É sabido que alguns estados do Brasil estão aprovando e aplicando leis que proíbem a utilização de canudos plásticos.
 
Aqui em São Paulo, na semana passada, mais precisamente dia 25, o prefeito Bruno Covas sancionou o projeto de lei que proíbe o fornecimento de canudos plásticos na capital.
 
O texto é de autoria do vereador Reginaldo Tripoli e segundo Covas, a Prefeitura tem agora 180 dias para a regulamentar a proibição.
 
A regulamentação irá definir:
  • Exceções à proibição (como pessoas com deficiência que precisam de canudos plásticos para sugar líquidos)
  • Como as fiscalizações serão feitas

Já no início da discussão já vimos bares que deixaram de distribuir o canudo.  Acima de tudo, o maior fiscal é o próprio povo. A partir do momento que o povo deixa de usa e de pedir, as práticas mudam


Afirmou o prefeito.
 
Medida que deveria ser comemorada mas muitos acreditam que essa proibição fará aumentar a utilização de outros itens de plástico como copos descartáveis.
 
Controvérsias à parte, acredito que o caminho e a jornada para ficarmos livres de plástico é enorme e precisa começar em algum momento e de algum ponto. Mesmo que nesse primeiro momento ocorra uma adequação das fábricas, estabelecimentos e principalmente dos consumidores.
 
Os canudos de plástico se tornaram um grande problema ecológico. Eles já representam 4% de todo o lixo plástico produzido no mundo e, como são feitos dos plásticos polipropileno e poliestireno, não são biodegradáveis e sua reciclagem é difícil. Eles podem levar até mil anos para se decompor no meio ambiente.
 
Seguem algumas curiosidades que são importantes de serem sabidas para que assim possa haver uma mudança de pensamento e comportamento:
  • Vida útil de um canudo: 4 minutos e demora em até 400 anos para se decompor, ele vai se desagregando e se transformando em partículas menores, micro-plásticos (não desaparece) e para os animais marítimos esse material entra na cadeia alimentar e os animais o consomem.

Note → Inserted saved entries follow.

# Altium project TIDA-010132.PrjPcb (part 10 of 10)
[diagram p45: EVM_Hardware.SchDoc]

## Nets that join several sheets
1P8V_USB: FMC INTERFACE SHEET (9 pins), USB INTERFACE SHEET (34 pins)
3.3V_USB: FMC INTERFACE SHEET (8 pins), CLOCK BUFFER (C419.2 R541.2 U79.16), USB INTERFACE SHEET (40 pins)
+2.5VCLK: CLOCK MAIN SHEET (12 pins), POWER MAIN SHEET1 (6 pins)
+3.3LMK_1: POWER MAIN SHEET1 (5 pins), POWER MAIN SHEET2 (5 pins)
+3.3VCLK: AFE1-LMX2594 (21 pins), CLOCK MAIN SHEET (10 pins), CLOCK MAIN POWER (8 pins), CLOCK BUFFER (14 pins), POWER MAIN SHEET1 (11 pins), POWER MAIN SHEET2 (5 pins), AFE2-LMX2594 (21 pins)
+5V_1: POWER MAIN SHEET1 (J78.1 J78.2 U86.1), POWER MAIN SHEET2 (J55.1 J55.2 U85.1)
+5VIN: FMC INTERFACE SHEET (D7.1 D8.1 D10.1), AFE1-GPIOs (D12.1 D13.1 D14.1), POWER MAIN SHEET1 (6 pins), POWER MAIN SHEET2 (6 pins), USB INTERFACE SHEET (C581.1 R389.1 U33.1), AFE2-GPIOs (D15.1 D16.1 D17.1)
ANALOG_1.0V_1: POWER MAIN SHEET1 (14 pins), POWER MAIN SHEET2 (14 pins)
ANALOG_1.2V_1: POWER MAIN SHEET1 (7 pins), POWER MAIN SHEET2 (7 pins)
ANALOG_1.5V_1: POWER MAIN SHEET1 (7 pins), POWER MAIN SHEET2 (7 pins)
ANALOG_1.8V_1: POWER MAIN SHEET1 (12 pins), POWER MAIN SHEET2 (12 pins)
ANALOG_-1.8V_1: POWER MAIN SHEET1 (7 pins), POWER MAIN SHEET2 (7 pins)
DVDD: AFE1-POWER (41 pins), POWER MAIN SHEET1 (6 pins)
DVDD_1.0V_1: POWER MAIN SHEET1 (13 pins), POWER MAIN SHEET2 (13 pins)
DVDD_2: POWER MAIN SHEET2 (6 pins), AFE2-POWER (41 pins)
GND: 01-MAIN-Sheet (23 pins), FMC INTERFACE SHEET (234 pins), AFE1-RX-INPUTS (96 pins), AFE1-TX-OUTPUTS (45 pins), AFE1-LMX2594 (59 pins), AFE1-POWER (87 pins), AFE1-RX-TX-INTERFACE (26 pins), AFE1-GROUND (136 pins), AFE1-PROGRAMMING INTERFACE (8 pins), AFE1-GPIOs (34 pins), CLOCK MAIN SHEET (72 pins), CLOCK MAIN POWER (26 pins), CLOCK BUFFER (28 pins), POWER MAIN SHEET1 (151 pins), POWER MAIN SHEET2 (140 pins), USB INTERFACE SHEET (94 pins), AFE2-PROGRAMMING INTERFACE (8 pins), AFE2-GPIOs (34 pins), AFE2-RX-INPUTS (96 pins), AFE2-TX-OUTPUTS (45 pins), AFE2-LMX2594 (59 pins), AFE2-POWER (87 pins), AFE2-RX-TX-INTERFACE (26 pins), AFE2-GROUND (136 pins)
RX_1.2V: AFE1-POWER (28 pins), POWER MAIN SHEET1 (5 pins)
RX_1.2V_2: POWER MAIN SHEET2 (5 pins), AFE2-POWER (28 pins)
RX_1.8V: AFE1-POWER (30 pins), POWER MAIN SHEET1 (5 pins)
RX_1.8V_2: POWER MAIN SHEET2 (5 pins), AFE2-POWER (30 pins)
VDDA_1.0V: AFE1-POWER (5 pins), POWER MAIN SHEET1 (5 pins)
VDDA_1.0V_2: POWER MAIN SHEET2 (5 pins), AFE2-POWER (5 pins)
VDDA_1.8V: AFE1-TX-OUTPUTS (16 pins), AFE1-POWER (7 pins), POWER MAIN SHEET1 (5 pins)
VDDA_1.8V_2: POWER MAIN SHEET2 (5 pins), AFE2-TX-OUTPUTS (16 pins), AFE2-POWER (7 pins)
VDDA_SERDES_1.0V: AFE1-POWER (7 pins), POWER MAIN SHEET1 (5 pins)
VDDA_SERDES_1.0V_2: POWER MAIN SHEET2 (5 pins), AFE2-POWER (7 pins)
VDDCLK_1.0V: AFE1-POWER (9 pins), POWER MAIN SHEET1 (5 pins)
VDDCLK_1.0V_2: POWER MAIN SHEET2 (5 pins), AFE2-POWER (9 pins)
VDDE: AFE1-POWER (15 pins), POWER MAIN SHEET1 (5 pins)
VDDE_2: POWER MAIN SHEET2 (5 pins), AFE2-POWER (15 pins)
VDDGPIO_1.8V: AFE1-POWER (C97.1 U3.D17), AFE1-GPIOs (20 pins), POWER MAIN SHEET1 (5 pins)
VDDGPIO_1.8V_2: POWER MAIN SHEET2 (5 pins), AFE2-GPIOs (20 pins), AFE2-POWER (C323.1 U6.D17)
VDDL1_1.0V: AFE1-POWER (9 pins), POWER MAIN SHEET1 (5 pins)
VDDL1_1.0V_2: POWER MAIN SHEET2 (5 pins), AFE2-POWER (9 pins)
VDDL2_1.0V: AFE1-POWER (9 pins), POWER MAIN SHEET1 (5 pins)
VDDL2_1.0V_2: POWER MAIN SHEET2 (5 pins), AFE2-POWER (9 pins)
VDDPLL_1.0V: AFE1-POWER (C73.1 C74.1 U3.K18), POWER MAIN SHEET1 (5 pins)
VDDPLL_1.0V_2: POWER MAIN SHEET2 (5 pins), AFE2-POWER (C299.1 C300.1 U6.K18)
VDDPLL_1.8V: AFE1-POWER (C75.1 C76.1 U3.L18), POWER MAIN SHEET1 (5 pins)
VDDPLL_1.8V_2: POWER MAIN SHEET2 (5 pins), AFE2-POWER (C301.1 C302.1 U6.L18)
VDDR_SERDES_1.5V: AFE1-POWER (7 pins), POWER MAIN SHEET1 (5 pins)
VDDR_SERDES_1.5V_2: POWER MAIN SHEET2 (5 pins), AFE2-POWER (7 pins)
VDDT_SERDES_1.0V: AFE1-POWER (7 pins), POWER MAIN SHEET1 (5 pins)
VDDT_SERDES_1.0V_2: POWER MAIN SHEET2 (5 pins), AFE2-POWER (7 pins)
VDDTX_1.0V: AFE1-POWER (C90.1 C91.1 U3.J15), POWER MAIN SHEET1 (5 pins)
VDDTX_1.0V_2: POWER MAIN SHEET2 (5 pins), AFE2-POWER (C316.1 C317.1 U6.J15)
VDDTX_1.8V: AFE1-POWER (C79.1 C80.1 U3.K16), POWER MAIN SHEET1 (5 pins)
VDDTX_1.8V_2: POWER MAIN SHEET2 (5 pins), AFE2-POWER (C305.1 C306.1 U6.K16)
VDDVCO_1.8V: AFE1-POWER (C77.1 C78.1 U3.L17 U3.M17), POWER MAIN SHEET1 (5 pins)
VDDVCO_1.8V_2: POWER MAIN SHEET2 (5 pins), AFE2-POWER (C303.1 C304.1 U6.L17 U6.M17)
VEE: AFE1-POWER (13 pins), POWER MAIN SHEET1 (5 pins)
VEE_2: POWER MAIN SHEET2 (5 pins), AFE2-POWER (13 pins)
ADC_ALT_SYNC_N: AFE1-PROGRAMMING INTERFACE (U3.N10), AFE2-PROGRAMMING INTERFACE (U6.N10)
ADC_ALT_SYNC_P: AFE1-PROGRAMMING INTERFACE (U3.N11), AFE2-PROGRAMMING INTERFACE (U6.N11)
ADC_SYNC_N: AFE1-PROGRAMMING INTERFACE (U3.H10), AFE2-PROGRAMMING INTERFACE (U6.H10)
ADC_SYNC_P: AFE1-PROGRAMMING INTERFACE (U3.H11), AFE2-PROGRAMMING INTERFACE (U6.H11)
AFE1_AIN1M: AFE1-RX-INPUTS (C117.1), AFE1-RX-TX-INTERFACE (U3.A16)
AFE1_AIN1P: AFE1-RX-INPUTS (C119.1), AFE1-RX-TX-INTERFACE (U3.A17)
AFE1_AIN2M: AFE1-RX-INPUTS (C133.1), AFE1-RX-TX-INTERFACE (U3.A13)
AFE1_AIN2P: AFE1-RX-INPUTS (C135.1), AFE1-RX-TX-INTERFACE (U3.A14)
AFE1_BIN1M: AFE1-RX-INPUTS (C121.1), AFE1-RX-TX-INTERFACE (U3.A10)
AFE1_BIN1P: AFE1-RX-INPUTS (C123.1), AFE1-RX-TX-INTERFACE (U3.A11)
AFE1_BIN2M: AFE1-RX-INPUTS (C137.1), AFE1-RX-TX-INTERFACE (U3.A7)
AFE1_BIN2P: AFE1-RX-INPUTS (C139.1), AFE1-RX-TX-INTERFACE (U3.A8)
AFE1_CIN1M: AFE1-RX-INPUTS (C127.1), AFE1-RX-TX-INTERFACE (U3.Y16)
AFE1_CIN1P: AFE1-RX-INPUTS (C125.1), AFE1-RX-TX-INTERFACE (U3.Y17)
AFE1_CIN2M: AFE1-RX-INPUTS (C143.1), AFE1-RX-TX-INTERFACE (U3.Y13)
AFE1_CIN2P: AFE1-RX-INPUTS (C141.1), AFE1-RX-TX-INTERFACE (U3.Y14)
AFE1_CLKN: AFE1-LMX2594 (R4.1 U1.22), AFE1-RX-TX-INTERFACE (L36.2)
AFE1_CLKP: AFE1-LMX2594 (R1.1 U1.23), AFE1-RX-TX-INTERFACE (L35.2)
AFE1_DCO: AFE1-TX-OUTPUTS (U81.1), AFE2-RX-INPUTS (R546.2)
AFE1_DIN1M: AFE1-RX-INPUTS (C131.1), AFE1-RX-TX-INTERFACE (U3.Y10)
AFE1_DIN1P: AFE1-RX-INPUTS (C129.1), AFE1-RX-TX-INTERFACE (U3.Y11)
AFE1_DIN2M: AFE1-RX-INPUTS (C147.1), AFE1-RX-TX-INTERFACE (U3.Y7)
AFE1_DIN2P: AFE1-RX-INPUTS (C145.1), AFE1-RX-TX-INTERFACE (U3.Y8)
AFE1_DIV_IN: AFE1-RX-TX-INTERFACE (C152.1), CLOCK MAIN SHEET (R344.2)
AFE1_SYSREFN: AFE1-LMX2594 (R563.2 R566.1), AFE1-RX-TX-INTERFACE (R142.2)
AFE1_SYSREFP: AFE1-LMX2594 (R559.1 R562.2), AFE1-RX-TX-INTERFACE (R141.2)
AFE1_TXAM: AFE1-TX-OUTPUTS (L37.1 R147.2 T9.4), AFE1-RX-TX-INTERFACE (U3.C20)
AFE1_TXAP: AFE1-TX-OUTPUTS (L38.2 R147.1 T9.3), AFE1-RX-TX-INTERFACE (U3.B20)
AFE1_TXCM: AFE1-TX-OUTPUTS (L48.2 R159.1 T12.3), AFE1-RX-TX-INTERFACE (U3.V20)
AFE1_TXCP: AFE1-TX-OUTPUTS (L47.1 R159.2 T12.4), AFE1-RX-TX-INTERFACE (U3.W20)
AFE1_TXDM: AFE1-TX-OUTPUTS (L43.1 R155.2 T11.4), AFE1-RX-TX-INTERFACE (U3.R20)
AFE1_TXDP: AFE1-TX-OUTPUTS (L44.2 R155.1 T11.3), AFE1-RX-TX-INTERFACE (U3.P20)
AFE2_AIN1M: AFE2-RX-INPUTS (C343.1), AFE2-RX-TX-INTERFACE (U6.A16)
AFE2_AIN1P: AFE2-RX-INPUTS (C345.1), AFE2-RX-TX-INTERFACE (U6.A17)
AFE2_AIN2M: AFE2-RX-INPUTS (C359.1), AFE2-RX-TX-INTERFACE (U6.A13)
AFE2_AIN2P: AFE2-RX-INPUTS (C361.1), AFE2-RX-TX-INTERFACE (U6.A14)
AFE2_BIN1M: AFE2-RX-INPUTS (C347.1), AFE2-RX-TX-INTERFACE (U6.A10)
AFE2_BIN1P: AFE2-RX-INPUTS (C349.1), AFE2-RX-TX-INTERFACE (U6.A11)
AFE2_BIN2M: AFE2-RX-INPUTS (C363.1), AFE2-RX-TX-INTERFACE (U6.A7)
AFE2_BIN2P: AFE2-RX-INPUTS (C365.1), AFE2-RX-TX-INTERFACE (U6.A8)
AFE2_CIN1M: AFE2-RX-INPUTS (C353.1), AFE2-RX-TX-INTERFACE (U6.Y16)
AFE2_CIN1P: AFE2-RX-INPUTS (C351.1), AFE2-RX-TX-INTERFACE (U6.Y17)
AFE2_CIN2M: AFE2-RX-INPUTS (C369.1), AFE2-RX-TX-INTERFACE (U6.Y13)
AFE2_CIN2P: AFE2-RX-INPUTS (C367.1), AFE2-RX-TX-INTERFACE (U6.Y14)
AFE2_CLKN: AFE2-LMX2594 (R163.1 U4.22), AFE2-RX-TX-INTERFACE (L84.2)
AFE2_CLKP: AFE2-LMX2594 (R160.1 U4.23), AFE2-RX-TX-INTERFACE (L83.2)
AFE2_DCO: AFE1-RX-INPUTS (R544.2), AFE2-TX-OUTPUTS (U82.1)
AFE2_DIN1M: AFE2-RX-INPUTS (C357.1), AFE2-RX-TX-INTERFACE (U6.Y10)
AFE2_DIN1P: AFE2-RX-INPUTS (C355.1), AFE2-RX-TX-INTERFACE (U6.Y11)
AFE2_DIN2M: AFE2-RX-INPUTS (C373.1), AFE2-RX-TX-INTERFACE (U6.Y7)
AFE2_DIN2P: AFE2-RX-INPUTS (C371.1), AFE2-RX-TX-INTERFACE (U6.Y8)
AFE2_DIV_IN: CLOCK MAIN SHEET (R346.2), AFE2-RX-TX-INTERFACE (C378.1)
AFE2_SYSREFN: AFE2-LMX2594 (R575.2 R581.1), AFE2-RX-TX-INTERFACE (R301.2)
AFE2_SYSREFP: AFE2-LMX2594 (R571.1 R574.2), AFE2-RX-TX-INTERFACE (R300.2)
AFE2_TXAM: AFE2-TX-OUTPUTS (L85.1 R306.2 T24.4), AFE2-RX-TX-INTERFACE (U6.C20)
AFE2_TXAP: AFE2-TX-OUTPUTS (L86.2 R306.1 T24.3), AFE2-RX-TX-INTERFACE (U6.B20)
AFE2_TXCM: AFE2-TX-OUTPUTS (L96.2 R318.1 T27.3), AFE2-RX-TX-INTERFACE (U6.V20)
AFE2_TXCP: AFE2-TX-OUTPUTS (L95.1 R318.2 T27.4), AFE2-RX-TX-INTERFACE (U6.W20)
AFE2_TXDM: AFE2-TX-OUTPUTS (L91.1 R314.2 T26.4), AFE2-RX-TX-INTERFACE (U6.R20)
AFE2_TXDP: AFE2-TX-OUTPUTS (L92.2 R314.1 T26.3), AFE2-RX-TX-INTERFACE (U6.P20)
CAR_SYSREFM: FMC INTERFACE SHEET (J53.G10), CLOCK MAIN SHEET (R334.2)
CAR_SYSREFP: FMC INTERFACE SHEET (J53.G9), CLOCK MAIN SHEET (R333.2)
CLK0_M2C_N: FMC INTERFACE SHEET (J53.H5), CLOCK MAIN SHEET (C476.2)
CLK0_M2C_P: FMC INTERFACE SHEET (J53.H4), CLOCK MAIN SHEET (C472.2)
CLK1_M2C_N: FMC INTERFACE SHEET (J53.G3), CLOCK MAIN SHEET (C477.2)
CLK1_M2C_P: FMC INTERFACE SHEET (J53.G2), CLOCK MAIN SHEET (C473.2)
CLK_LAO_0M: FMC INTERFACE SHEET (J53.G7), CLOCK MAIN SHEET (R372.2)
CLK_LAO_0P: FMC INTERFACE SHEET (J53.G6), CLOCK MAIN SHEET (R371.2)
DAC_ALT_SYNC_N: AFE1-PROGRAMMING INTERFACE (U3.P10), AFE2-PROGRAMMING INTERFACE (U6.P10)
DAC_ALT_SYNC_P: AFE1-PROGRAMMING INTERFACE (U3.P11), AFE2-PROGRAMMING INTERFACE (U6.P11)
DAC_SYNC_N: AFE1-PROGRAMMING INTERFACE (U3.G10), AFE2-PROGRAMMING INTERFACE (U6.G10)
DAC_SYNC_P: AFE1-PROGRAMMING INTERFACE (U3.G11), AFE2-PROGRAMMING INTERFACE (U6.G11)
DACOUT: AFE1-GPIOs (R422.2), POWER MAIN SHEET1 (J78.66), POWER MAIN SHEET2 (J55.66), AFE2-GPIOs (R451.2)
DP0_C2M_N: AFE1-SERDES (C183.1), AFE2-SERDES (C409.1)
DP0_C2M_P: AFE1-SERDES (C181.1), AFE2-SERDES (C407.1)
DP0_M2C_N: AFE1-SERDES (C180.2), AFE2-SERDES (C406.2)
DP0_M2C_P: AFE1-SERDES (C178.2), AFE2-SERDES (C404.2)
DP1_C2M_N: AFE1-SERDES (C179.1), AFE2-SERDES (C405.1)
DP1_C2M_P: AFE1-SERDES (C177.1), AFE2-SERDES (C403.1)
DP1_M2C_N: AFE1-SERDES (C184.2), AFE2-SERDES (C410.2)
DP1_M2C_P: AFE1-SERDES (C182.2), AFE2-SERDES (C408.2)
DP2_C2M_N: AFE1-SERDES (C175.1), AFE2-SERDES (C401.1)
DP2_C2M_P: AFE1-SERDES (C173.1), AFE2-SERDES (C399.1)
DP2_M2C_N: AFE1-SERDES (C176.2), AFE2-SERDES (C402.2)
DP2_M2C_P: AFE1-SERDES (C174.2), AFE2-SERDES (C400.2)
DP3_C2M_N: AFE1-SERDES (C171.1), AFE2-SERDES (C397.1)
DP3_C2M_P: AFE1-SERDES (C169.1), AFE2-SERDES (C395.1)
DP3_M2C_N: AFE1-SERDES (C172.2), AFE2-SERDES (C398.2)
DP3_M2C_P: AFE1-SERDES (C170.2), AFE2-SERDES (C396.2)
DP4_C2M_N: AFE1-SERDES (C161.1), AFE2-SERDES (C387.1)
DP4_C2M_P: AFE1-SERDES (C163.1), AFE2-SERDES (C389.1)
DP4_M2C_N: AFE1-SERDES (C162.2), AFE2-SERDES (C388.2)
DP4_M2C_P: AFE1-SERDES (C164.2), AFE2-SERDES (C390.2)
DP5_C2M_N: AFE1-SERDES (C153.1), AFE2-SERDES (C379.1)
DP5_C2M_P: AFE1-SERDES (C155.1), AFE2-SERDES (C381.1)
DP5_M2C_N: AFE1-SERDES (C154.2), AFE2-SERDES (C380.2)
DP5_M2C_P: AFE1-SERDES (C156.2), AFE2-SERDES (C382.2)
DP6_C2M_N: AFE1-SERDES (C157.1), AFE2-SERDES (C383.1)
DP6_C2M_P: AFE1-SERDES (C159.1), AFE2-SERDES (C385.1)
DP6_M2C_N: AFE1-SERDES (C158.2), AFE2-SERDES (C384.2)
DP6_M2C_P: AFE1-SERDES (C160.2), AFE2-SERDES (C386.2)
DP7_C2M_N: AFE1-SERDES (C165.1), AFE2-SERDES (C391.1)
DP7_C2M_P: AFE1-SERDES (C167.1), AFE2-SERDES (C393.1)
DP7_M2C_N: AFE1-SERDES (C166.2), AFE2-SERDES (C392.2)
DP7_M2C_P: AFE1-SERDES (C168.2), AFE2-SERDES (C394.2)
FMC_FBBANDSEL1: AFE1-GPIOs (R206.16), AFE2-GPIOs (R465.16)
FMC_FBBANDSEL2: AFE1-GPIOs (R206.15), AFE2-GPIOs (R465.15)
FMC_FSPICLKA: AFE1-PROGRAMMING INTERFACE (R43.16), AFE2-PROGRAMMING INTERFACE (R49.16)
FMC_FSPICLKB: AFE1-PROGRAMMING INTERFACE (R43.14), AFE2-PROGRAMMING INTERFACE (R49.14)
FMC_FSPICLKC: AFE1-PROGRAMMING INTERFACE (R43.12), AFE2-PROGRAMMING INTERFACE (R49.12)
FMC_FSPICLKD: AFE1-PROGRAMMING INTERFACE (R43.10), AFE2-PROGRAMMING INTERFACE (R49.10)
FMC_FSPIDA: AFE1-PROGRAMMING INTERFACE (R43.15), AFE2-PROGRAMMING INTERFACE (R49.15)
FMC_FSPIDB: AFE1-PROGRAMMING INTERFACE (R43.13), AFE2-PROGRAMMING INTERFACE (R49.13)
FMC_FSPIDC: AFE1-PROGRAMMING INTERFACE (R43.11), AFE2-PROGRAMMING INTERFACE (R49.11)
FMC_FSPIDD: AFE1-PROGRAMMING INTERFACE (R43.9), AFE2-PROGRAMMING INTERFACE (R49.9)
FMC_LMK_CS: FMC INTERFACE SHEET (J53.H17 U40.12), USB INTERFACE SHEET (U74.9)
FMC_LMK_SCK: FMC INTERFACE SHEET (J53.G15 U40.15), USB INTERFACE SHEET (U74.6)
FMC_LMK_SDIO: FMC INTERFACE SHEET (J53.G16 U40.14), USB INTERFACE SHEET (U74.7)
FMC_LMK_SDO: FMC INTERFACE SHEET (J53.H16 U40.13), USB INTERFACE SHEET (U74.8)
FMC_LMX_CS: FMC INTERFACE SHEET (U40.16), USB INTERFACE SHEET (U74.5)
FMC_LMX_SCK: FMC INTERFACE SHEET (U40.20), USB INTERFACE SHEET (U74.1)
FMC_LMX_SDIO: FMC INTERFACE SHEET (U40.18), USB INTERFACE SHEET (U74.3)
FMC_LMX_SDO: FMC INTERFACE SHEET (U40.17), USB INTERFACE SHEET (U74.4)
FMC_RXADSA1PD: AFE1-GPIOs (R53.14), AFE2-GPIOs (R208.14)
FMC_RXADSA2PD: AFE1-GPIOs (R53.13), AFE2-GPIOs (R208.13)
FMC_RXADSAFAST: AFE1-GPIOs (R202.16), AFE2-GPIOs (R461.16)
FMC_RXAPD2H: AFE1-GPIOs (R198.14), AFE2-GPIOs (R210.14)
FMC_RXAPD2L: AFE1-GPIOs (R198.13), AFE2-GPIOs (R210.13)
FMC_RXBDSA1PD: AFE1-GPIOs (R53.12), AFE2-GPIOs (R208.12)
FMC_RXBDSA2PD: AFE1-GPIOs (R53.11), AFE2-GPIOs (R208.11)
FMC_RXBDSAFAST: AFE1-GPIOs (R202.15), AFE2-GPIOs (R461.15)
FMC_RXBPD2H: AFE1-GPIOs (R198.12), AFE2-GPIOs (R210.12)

  • Todos os anos 100 mil animais marinhos morrem por ingerir plásticos, aves 1 milhão de aves.
  • Falando de nós, humanos, os micro-plásticos já estão sendo encontrados na água que a população bebe.
Nos últimos 2 anos 904 tartarugas e 620 aves mortas por ingerir plásticos no raio de 100 km de praia entre Peruíbe e Bertioga.
  • Os ecologistas calculam que todos os anos 8 milhões de toneladas de plástico vão parar nos oceanos, calculam que até 2050 terá mais plásticos nos mares que peixes.
  • Cientistas acreditam que 90% dos peixes já comeram plásticos alguma vez.
  • Somente na orla do Rio de Janeiro existem 300 quiosques que vendem 300 cocos por dia totalizando 90.000 canudos por dia.
  • Existem lanchonetes que utilizam cerca de 3000 canudos plásticos por semana.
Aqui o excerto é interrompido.